This means limited missions up to Jupiter (or perhaps Saturn) and no further
exploration of the Kuiper belt.

------
Luyt
Some people think that these power sources are actually devices which NASA
will use to 'ignite' Saturn or Jupiter into a second Sun: _The Lucifer
Project_ [1]

There exist a Skeptoid episode about this, explaining that this is impossible.
[2]

 _"But the main reason that an RTG could not explode like a weapon is its
structure.
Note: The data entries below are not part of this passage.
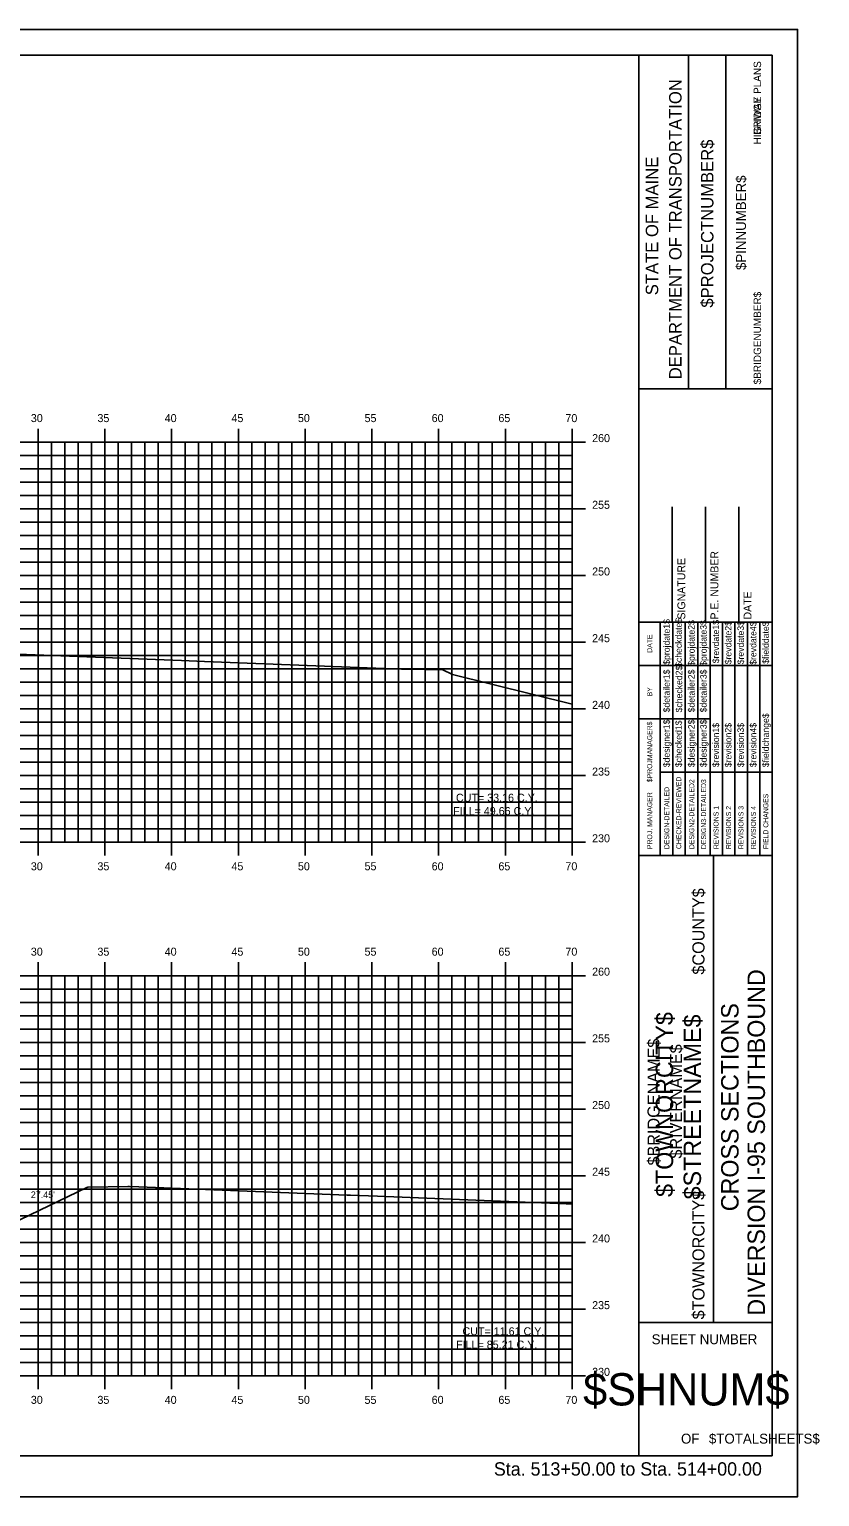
# Model space of a CAD drawing. Extents: x 1170543 to 1177585, y 609599 to 610623.
# Drawn here: x 1172947.1 to 1173006.3, y 609598.8 to 609708.8 of the extents above; entities that cross this region are included whole.
import ezdxf

# ---------------------------------------------------------------- set-up
doc = ezdxf.new("R2010")
doc.units = 0
for name, color, linetype in [('ANNOTATION', 7, 'Continuous'), ('BORDER', 7, 'Continuous'), ('BRIDGE_TITLE', 7, 'Continuous'), ('D_Roadway_Centerline_Text', 7, 'Continuous'), ('H_V ANNOTATION', 7, 'Continuous'), ('HIGHWAY_TITLE', 7, 'Continuous'), ('MAJOR', 7, 'Continuous'), ('MINOR', 7, 'Continuous'), ('PLOT BOUNDARY', 7, 'Continuous'), ('S_Roadway_Centerline', 7, 'Continuous')]:
    doc.layers.add(name, color=color, linetype=linetype)

msp = doc.modelspace()

# ---------------------------------------------------------------- linework, layer by layer
at = {"layer": 'BORDER'}
for p, q in [((1173002.75, 609706.87), (1172842.75, 609706.87)), ((1172992.75, 609601.88), (1172992.75, 609706.88)), ((1172996.48, 609681.87), (1172996.48, 609706.87)), ((1172999.27, 609681.87), (1172999.27, 609706.87)), ((1173002.75, 609601.88), (1173002.75, 609706.88)), ((1172992.75, 609681.87), (1173002.75, 609681.87)), ((1172995.25, 609664.38), (1172995.25, 609673.02)), ((1172997.75, 609664.38), (1172997.75, 609673.02)), ((1173000.25, 609664.38), (1173000.25, 609673.02)), ((1172992.75, 609664.38), (1173002.75, 609664.38)), ((1172992.75, 609646.88), (1173002.75, 609646.88)), ((1172998.34, 609611.88), (1172998.34, 609646.88)), ((1172992.75, 609611.88), (1173002.75, 609611.88)), ((1172842.75, 609601.87), (1173002.75, 609601.87))]:
    msp.add_line(p, q, dxfattribs=at)
for points in [[(1172994.36, 609661.13), (1172994.36, 609664.38)], [(1172995.3, 609646.88), (1172995.3, 609664.38)], [(1172996.23, 609664.38), (1172996.23, 609646.88)], [(1172997.16, 609646.88), (1172997.16, 609664.38)], [(1172998.09, 609646.88), (1172998.09, 609664.38)], [(1172999.02, 609646.88), (1172999.02, 609664.38)], [(1172999.95, 609646.88), (1172999.95, 609664.38)], [(1173000.89, 609646.88), (1173000.89, 609664.38)], [(1173001.82, 609646.88), (1173001.82, 609664.38)], [(1172994.36, 609646.88), (1172994.36, 609663.67)], [(1172992.75, 609661.13), (1173002.75, 609661.13)], [(1172992.75, 609657.13), (1172994.36, 609657.13)], [(1172994.36, 609657.13), (1172998.09, 609657.13)], [(1172994.36, 609653.13), (1173002.75, 609653.13)]]:
    msp.add_lwpolyline(points, dxfattribs=at)
at = {"layer": 'MAJOR'}
for p, q in [((1172947.75, 609678.87), (1172947.75, 609677.87)), ((1172952.75, 609678.87), (1172952.75, 609677.87)), ((1172957.75, 609678.87), (1172957.75, 609677.87)), ((1172962.75, 609678.87), (1172962.75, 609677.87)), ((1172967.75, 609678.87), (1172967.75, 609677.87)), ((1172972.75, 609678.87), (1172972.75, 609677.87)), ((1172977.75, 609678.87), (1172977.75, 609677.87)), ((1172982.75, 609678.87), (1172982.75, 609677.87)), ((1172987.75, 609678.87), (1172987.75, 609677.87)), ((1172847.75, 609677.87), (1172987.75, 609677.87)), ((1172847.75, 609677.87), (1172987.75, 609677.87)), ((1172947.75, 609647.87), (1172947.75, 609677.87)), ((1172952.75, 609647.87), (1172952.75, 609677.87)), ((1172957.75, 609647.87), (1172957.75, 609677.87)), ((1172962.75, 609647.87), (1172962.75, 609677.87)), ((1172967.75, 609647.87), (1172967.75, 609677.87)), ((1172972.75, 609647.87), (1172972.75, 609677.87)), ((1172977.75, 609647.87), (1172977.75, 609677.87)), ((1172982.75, 609647.87), (1172982.75, 609677.87)), ((1172988.75, 609677.87), (1172986.75, 609677.87)), ((1172987.75, 609647.87), (1172987.75, 609677.87)), ((1172987.75, 609647.87), (1172987.75, 609677.87)), ((1172847.75, 609672.87), (1172987.75, 609672.87)), ((1172988.75, 609672.87), (1172986.75, 609672.87)), ((1172847.75, 609667.87), (1172987.75, 609667.87)), ((1172988.75, 609667.87), (1172986.75, 609667.87)), ((1172847.75, 609662.87), (1172987.75, 609662.87)), ((1172988.75, 609662.87), (1172986.75, 609662.87)), ((1172847.75, 609657.87), (1172987.75, 609657.87)), ((1172988.75, 609657.87), (1172986.75, 609657.87)), ((1172847.75, 609652.87), (1172987.75, 609652.87)), ((1172988.75, 609652.87), (1172986.75, 609652.87)), ((1172847.75, 609647.87), (1172987.75, 609647.87)), ((1172847.75, 609647.87), (1172987.75, 609647.87)), ((1172947.75, 609646.87), (1172947.75, 609647.87)), ((1172952.75, 609646.87), (1172952.75, 609647.87)), ((1172957.75, 609646.87), (1172957.75, 609647.87)), ((1172962.75, 609646.87), (1172962.75, 609647.87)), ((1172967.75, 609646.87), (1172967.75, 609647.87)), ((1172972.75, 609646.87), (1172972.75, 609647.87)), ((1172977.75, 609646.87), (1172977.75, 609647.87)), ((1172982.75, 609646.87), (1172982.75, 609647.87)), ((1172988.75, 609647.87), (1172986.75, 609647.87)), ((1172987.75, 609646.87), (1172987.75, 609647.87)), ((1172947.75, 609638.87), (1172947.75, 609637.87)), ((1172952.75, 609638.87), (1172952.75, 609637.87)), ((1172957.75, 609638.87), (1172957.75, 609637.87)), ((1172962.75, 609638.87), (1172962.75, 609637.87)), ((1172967.75, 609638.87), (1172967.75, 609637.87)), ((1172972.75, 609638.87), (1172972.75, 609637.87)), ((1172977.75, 609638.87), (1172977.75, 609637.87)), ((1172982.75, 609638.87), (1172982.75, 609637.87)), ((1172987.75, 609638.87), (1172987.75, 609637.87)), ((1172847.75, 609637.87), (1172987.75, 609637.87)), ((1172847.75, 609637.87), (1172987.75, 609637.87)), ((1172947.75, 609607.87), (1172947.75, 609637.87)), ((1172952.75, 609607.87), (1172952.75, 609637.87)), ((1172957.75, 609607.87), (1172957.75, 609637.87)), ((1172962.75, 609607.87), (1172962.75, 609637.87)), ((1172967.75, 609607.87), (1172967.75, 609637.87)), ((1172972.75, 609607.87), (1172972.75, 609637.87)), ((1172977.75, 609607.87), (1172977.75, 609637.87)), ((1172982.75, 609607.87), (1172982.75, 609637.87)), ((1172988.75, 609637.87), (1172986.75, 609637.87)), ((1172987.75, 609607.87), (1172987.75, 609637.87)), ((1172987.75, 609607.87), (1172987.75, 609637.87)), ((1172847.75, 609632.87), (1172987.75, 609632.87)), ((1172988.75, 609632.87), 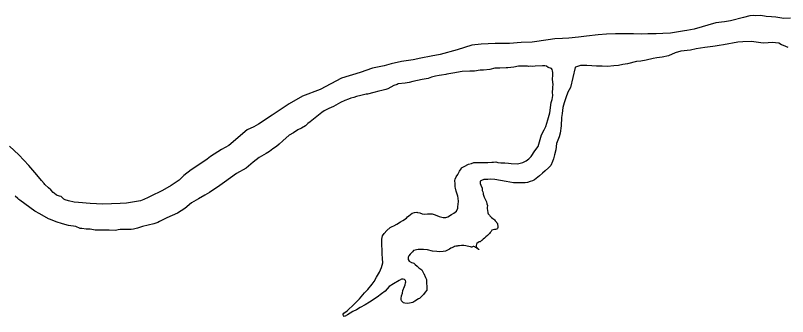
# Model space of a CAD drawing. Extents: x -83719 to 153526, y -11835 to 11446.
# Drawn here: x -2938.4 to -2838.3, y -885.9 to -846.8 of the extents above; entities that cross this region are included whole.
import ezdxf

# ---------------------------------------------------------------- set-up
doc = ezdxf.new("R2010")
doc.units = 0
doc.layers.add('Level 9', color=7, linetype='Continuous')

msp = doc.modelspace()

# ---------------------------------------------------------------- linework, layer by layer
at = {"layer": 'Level 9'}
for points in [[(-2837.88, -847.2), (-2838.74, -847.24), (-2839.81, -847.08), (-2840.34, -847.02), (-2841.04, -846.96), (-2841.74, -846.86), (-2842.37, -846.87), (-2842.67, -846.84), (-2843.14, -846.87), (-2844, -847.11), (-2845.66, -847.53), (-2846.43, -847.67), (-2847.56, -847.81), (-2850.38, -848.6), (-2851.35, -848.77), (-2851.65, -848.84), (-2852.94, -849.05), (-2853.44, -849.15), (-2854.44, -849.19), (-2855.31, -849.23), (-2856.4, -849.24), (-2857.24, -849.25), (-2858.24, -849.22), (-2859.37, -849.23), (-2860.57, -849.24), (-2861.76, -849.28), (-2862.83, -849.35), (-2864.32, -849.53), (-2865.39, -849.64), (-2866.62, -849.78), (-2867.45, -849.82), (-2868.45, -849.86), (-2869.31, -850), (-2871.38, -850.29), (-2872.81, -850.36), (-2874.34, -850.47), (-2876.17, -850.49), (-2878, -850.57), (-2879.23, -850.68)], [(-2879.23, -850.68), (-2881.12, -851.29), (-2883.31, -851.91), (-2884.48, -852.12), (-2885.81, -852.36), (-2886.81, -852.57), (-2888.33, -852.81), (-2889.66, -853.12), (-2890.56, -853.36), (-2892.09, -853.68), (-2893.68, -854.25), (-2896.11, -854.97), (-2898.89, -856.43), (-2901.15, -857.28), (-2902.88, -858.29), (-2905.09, -859.78), (-2906.88, -860.92), (-2907.48, -861.26), (-2908.34, -861.67), (-2910.72, -863.69), (-2911.65, -864.23), (-2913.08, -865.11)], [(-2838.18, -851.01), (-2838.78, -850.74), (-2839.05, -850.65), (-2839.39, -850.45), (-2840.25, -850.36), (-2840.78, -850.39), (-2841.45, -850.43), (-2842.95, -850.21), (-2844.08, -850.25), (-2844.71, -850.32), (-2846.57, -850.64), (-2847.14, -850.74), (-2847.67, -850.81), (-2847.97, -850.88), (-2848.64, -850.95), (-2849, -850.99), (-2850.1, -851.16), (-2850.86, -851.33), (-2852.13, -851.48), (-2852.86, -851.68), (-2853.69, -852.09), (-2854.55, -852.23), (-2855.22, -852.33), (-2855.68, -852.4), (-2856.61, -852.64)], [(-2856.61, -852.64), (-2857.31, -852.75), (-2857.84, -852.82), (-2859.04, -853.1), (-2859.64, -853.2), (-2860.2, -853.31), (-2860.8, -853.38), (-2861.6, -853.45), (-2862.33, -853.42), (-2863.03, -853.39), (-2863.66, -853.36), (-2864.3, -853.34), (-2864.8, -853.31), (-2865.13, -853.34), (-2865.39, -853.41), (-2865.76, -853.55), (-2865.79, -853.58), (-2866.41, -856.19), (-2866.74, -856.79), (-2867, -857.53), (-2867.22, -858.16), (-2867.42, -858.76), (-2867.48, -859.53), (-2867.58, -860.07), (-2867.64, -861.13), (-2867.76, -862.1), (-2867.89, -862.57), (-2868.22, -863.44), (-2868.31, -864.24), (-2868.51, -864.91), (-2868.6, -865.41), (-2868.73, -865.78), (-2868.96, -866.28), (-2869.26, -866.58), (-2869.69, -866.99), (-2870.05, -867.29), (-2870.45, -867.63), (-2871.08, -868.13), (-2871.34, -868.27), (-2871.64, -868.37), (-2872.01, -868.47), (-2872.31, -868.54), (-2872.74, -868.54), (-2873.34, -868.55), (-2873.81, -868.52), (-2874.74, -868.36), (-2875.51, -868.23), (-2876.24, -868.1), (-2876.77, -868.07), (-2877.14, -868.08), (-2877.64, -868.11), (-2877.94, -868.22)], [(-2875.58, -853.65), (-2876.21, -853.69), (-2876.88, -853.83), (-2877.71, -853.94), (-2878.11, -853.94), (-2878.87, -854.04), (-2879.47, -854.08), (-2880.47, -854.12), (-2881.67, -854.33), (-2882.43, -854.44), (-2882.6, -854.47), (-2883.13, -854.58), (-2883.46, -854.61), (-2883.93, -854.72), (-2884.43, -854.82), (-2884.86, -854.99), (-2885.65, -855.16), (-2886.25, -855.27), (-2886.85, -855.4), (-2887.32, -855.51), (-2887.85, -855.61), (-2888.75, -855.72), (-2888.91, -855.79), (-2889.34, -855.92), (-2890.11, -856.33), (-2890.34, -856.43), (-2890.87, -856.57), (-2891.27, -856.67), (-2891.93, -856.81), (-2892.76, -857.02), (-2892.93, -857.05), (-2893.1, -857.09), (-2893.6, -857.22), (-2894.16, -857.36), (-2894.53, -857.46), (-2894.89, -857.57), (-2895.22, -857.7), (-2895.69, -857.87), (-2896.25, -858.14), (-2896.85, -858.48), (-2897.15, -858.62), (-2897.74, -858.89), (-2898.37, -859.19), (-2898.67, -859.43), (-2900.19, -860.64), (-2900.46, -860.84), (-2900.79, -861.15), (-2901.29, -861.45), (-2901.79, -861.65), (-2902.35, -862.03), (-2902.88, -862.36), (-2903.71, -863.1), (-2904.2, -863.54), (-2904.53, -863.81), (-2905.03, -864.11), (-2905.43, -864.45), (-2905.89, -864.75), (-2906.79, -865.26), (-2907.58, -865.87), (-2908.47, -866.61), (-2909.73, -867.32), (-2910.49, -867.89), (-2911.29, -868.43), (-2911.89, -868.87), (-2913.21, -869.78), (-2913.84, -870.12), (-2914.64, -870.59), (-2915.56, -871.13), (-2916.42, -871.87), (-2917.38, -872.45), (-2918.75, -873.06), (-2919.71, -873.53), (-2919.94, -873.67), (-2920.44, -873.84), (-2921.93, -874.18), (-2922.56, -874.39), (-2923.1, -874.52), (-2923.39, -874.56), (-2924.83, -874.6), (-2925.09, -874.64), (-2925.42, -874.71), (-2926.22, -874.68), (-2926.59, -874.65), (-2927.49, -874.66), (-2928.05, -874.66), (-2928.72, -874.53), (-2929.22, -874.54), (-2929.79, -874.47), (-2929.99, -874.44), (-2930.55, -874.21), (-2931.52, -874.05), (-2932.29, -873.86), (-2933.12, -873.6), (-2933.86, -873.27), (-2934.12, -873.2), (-2935.23, -872.54), (-2935.89, -872.22), (-2937.84, -870.8), (-2937.94, -870.7), (-2938.1, -870.56), (-2938.44, -870.27)], [(-2889.54, -874.21), (-2889.34, -874.11), (-2888.95, -873.9), (-2888.45, -873.6), (-2888.15, -873.43), (-2887.69, -873.13), (-2887.55, -872.96), (-2887.39, -872.79), (-2886.93, -872.45), (-2886.63, -872.38), (-2886.36, -872.32), (-2886.26, -872.38), (-2885.96, -872.41), (-2885.63, -872.54), (-2885.36, -872.61), (-2884.96, -872.57), (-2884.7, -872.54), (-2884.36, -872.57), (-2883.96, -872.7), (-2883.43, -872.89), (-2882.93, -873.02), (-2882.59, -873.02), (-2882.33, -872.95), (-2881.86, -872.65), (-2881.53, -872.48), (-2881.2, -872.21), (-2881.04, -871.81), (-2881.01, -871.64), (-2880.95, -870.97), (-2880.98, -870.54), (-2881.02, -870.24), (-2881.12, -870.01), (-2881.25, -869.61), (-2881.32, -869.21), (-2881.39, -869.04), (-2881.39, -868.68), (-2881.4, -868.24), (-2881.37, -868.04), (-2881.24, -867.74), (-2881.04, -867.47), (-2880.81, -867), (-2880.61, -866.73), (-2880.54, -866.6), (-2880.21, -866.4), (-2879.65, -866.13), (-2879.25, -866.02), (-2878.95, -865.89), (-2878.65, -865.89), (-2878.25, -865.88), (-2877.69, -865.91), (-2877.15, -865.88), (-2876.62, -865.84), (-2876.39, -865.84), (-2876.09, -865.83), (-2875.82, -865.9), (-2875.46, -865.96), (-2874.92, -865.96), (-2874.46, -865.99), (-2874.09, -866.02), (-2873.29, -866.08), (-2872.59, -865.91), (-2872.16, -865.7), (-2871.8, -865.44), (-2871.53, -865.13), (-2871.04, -864.4), (-2870.61, -863.83), (-2870.16, -862.32), (-2869.83, -861.65), (-2869.63, -861.25), (-2869.34, -860.38), (-2869.11, -859.48), (-2868.92, -858.11), (-2868.79, -857.71), (-2868.7, -857.21), (-2868.73, -856.8), (-2868.7, -856.3), (-2868.7, -856.14), (-2868.67, -855.8), (-2868.74, -855.14), (-2868.72, -854.54), (-2868.72, -854.4), (-2868.72, -854.24), (-2868.75, -854), (-2868.79, -853.84), (-2868.89, -853.7), (-2869.32, -853.57), (-2869.53, -853.42)], [(-2870.99, -853.42), (-2871.32, -853.45), (-2871.55, -853.42), (-2871.85, -853.46), (-2871.99, -853.43), (-2872.49, -853.43), (-2873.15, -853.43), (-2873.78, -853.54), (-2874.55, -853.61), (-2874.75, -853.61), (-2875.58, -853.65)], [(-2869.53, -853.42), (-2869.73, -853.38), (-2870.05, -853.38), (-2870.99, -853.42)], [(-2920.9, -870.3), (-2921.16, -870.44), (-2921.76, -870.71), (-2922.16, -870.85), (-2923.19, -871.02), (-2923.99, -871.16), (-2924.82, -871.2), (-2927.05, -871.28), (-2928.68, -871.19), (-2930.21, -871.07), (-2930.78, -871.04), (-2931.51, -870.88), (-2931.94, -870.75), (-2932.11, -870.65), (-2932.48, -870.32), (-2932.68, -870.26), (-2933.08, -870.13), (-2933.35, -869.86), (-2933.48, -869.8), (-2933.82, -869.46), (-2934.09, -869.2), (-2934.59, -868.74), (-2934.66, -868.6), (-2934.99, -868.21), (-2935.6, -867.51), (-2936.67, -866.28), (-2937.95, -864.92), (-2939.15, -863.77)], [(-2913.08, -865.11), (-2913.55, -865.48), (-2914.22, -865.95), (-2915.6, -866.85), (-2916.56, -867.57), (-2917.16, -868.17), (-2918.21, -868.89), (-2919.31, -869.52), (-2920.9, -870.3)], [(-2877.94, -868.22), (-2878.11, -868.32), (-2878.13, -868.46), (-2878.11, -868.62), (-2878.03, -868.84), (-2877.89, -869.23)], [(-2877.89, -869.23), (-2877.86, -869.48), (-2877.86, -869.52), (-2877.79, -869.72), (-2877.72, -869.88), (-2877.72, -870.02), (-2877.69, -870.12), (-2877.65, -870.25), (-2877.59, -870.38), (-2877.52, -870.55), (-2877.42, -870.75), (-2877.32, -871.01), (-2877.25, -871.25), (-2877.18, -871.48), (-2877.18, -871.51), (-2877.24, -871.68), (-2877.21, -871.91), (-2877.18, -872.08), (-2877.14, -872.41), (-2877.11, -872.55), (-2877.07, -872.61), (-2876.94, -872.71), (-2876.87, -872.81), (-2876.8, -872.88), (-2876.64, -873.04), (-2876.5, -873.14), (-2876.37, -873.24), (-2876.27, -873.34), (-2876.17, -873.44), (-2876, -873.64), (-2876, -873.67), (-2875.9, -873.81), (-2875.9, -873.94), (-2875.83, -874.14), (-2875.83, -874.31), (-2875.83, -874.34), (-2875.86, -874.44), (-2875.93, -874.51), (-2875.96, -874.54), (-2876.03, -874.54), (-2876.13, -874.58), (-2876.26, -874.58), (-2876.46, -874.61), (-2876.62, -874.68), (-2876.66, -874.75), (-2876.72, -874.85), (-2876.82, -874.98), (-2876.92, -875.11), (-2876.99, -875.18), (-2877.09, -875.28), (-2877.18, -875.35), (-2877.38, -875.55), (-2877.48, -875.62), (-2877.58, -875.72), (-2877.75, -875.82), (-2877.88, -875.96), (-2877.91, -875.99), (-2877.96, -876.01)], [(-2885.46, -880.23), (-2885.44, -880.28), (-2885.23, -880.81), (-2885.1, -881.05), (-2885.06, -882.45), (-2885.25, -882.72), (-2885.48, -882.99), (-2885.55, -883.09), (-2885.98, -883.52), (-2886.11, -883.56), (-2886.58, -883.89), (-2886.84, -884.06), (-2887.07, -884.1), (-2887.31, -884.13), (-2887.61, -884.17), (-2887.91, -884.14), (-2888.07, -884.07), (-2888.14, -884.01), (-2888.24, -883.91), (-2888.31, -883.81), (-2888.38, -883.64), (-2888.38, -883.54), (-2888.35, -883.17), (-2888.21, -882.84), (-2888.15, -882.5), (-2887.96, -881.97), (-2887.86, -881.77), (-2887.83, -881.5), (-2887.76, -881.37), (-2887.83, -881.17), (-2887.96, -881.04), (-2888.1, -881), (-2888.33, -881), (-2888.63, -881.21), (-2889.36, -881.61), (-2889.95, -881.98), (-2890.45, -882.56), (-2890.91, -882.93), (-2891.47, -883.33), (-2892.5, -884), (-2893.06, -884.34), (-2893.69, -884.68), (-2894.16, -884.98), (-2894.66, -885.22), (-2895.32, -885.63), (-2895.62, -885.83), (-2895.75, -885.86), (-2895.85, -885.73), (-2895.88, -885.66), (-2895.88, -885.56), (-2895.79, -885.43), (-2895.39, -885.13), (-2895.19, -884.93), (-2894.66, -884.45), (-2893.77, -883.58), (-2893.11, -882.81), (-2892.68, -882.34), (-2892.12, -881.67), (-2891.89, -881.3), (-2891.59, -880.76), (-2891.2, -880.13), (-2890.94, -879.52), (-2890.77, -878.92), (-2890.78, -878.32), (-2890.82, -877.72), (-2890.85, -877.39), (-2890.89, -876.42), (-2890.89, -876.12), (-2890.9, -875.82), (-2890.8, -875.42), (-2890.57, -875.12), (-2890.24, -874.71), (-2889.78, -874.34), (-2889.54, -874.21)], [(-2877.96, -876.01), (-2878.11, -876.16), (-2878.27, -876.2), (-2878.41, -876.28), (-2878.56, -876.39)], [(-2881.92, -876.98), (-2882.12, -877.12), (-2882.3, -877.23), (-2882.63, -877.39)], [(-2881.7, -876.92), (-2881.8, -876.95), (-2881.92, -876.98)], [(-2878.84, -876.82), (-2878.97, -876.8), (-2879.04, -876.8), (-2879.2, -876.87), (-2879.27, -876.87), (-2879.4, -876.83), (-2879.8, -876.74), (-2880, -876.71), (-2880.24, -876.67), (-2880.3, -876.67), (-2880.57, -876.64), (-2880.8, -876.68), (-2881.04, -876.71), (-2881.1, -876.75), (-2881.3, -876.75), (-2881.44, -876.78), (-2881.57, -876.85), (-2881.7, -876.92)], [(-2878.84, -876.82), (-2878.81, -876.83), (-2878.77, -876.85), (-2878.72, -876.87), (-2878.67, -876.89), (-2878.64, -876.92), (-2878.59, -876.96), (-2878.54, -876.98), (-2878.5, -877.02), (-2878.46, -877.05), (-2878.42, -877.08), (-2878.39, -877.09), (-2878.37, -877.12), (-2878.36, -877.13), (-2878.32, -877.15), (-2878.3, -877.16)], [(-2878.64, -876.66), (-2878.65, -876.7), (-2878.65, -876.74), (-2878.65, -876.77), (-2878.64, -876.81), (-2878.62, -876.85), (-2878.6, -876.88), (-2878.58, -876.91), (-2878.55, -876.96), (-2878.51, -876.99), (-2878.47, -877.02), (-2878.44, -877.05), (-2878.41, -877.07), (-2878.38, -877.09), (-2878.37, -877.1), (-2878.35, -877.12), (-2878.33, -877.14), (-2878.3, -877.16)], [(-2878.56, -876.39), (-2878.61, -876.5), (-2878.64, -876.66)], [(-2887.37, -877.99), (-2887.43, -878.08), (-2887.47, -878.17), (-2887.47, -878.33), (-2887.45, -878.46)], [(-2882.63, -877.39), (-2882.93, -877.43), (-2883.46, -877.47), (-2883.73, -877.43), (-2884.29, -877.37), (-2884.96, -877.21), (-2885.49, -877.18), (-2885.99, -877.18), (-2886.16, -877.19), (-2886.76, -877.29), (-2886.92, -877.46), (-2887.09, -877.63), (-2887.22, -877.79), (-2887.37, -877.99)], [(-2887.45, -878.46), (-2887.35, -878.7), (-2887.05, -878.86), (-2886.87, -878.88)], [(-2886.87, -878.88), (-2886.73, -878.95), (-2886.55, -879.11), (-2886.31, -879.33), (-2886.09, -879.55), (-2885.83, -879.71), (-2885.71, -879.83), (-2885.46, -880.23)]]:
    msp.add_lwpolyline(points, dxfattribs=at)

doc.saveas('drawing.dxf')

Each of Cassini's three RTGs contains 72 marshmallow-sized pellets
of plutonium, each weighing about 150 grams, and each separately enclosed in
iridium inside a shock-proof graphite impact shell. Four of each of these are
enclosed within one of 18 separate General Purpose Heat Shell modules, each
with its own separate heat shield and impact shell. Should any kind of crash
or problem happen, including breaking up during a re-entry, these impact
shells separate from each other and scatter.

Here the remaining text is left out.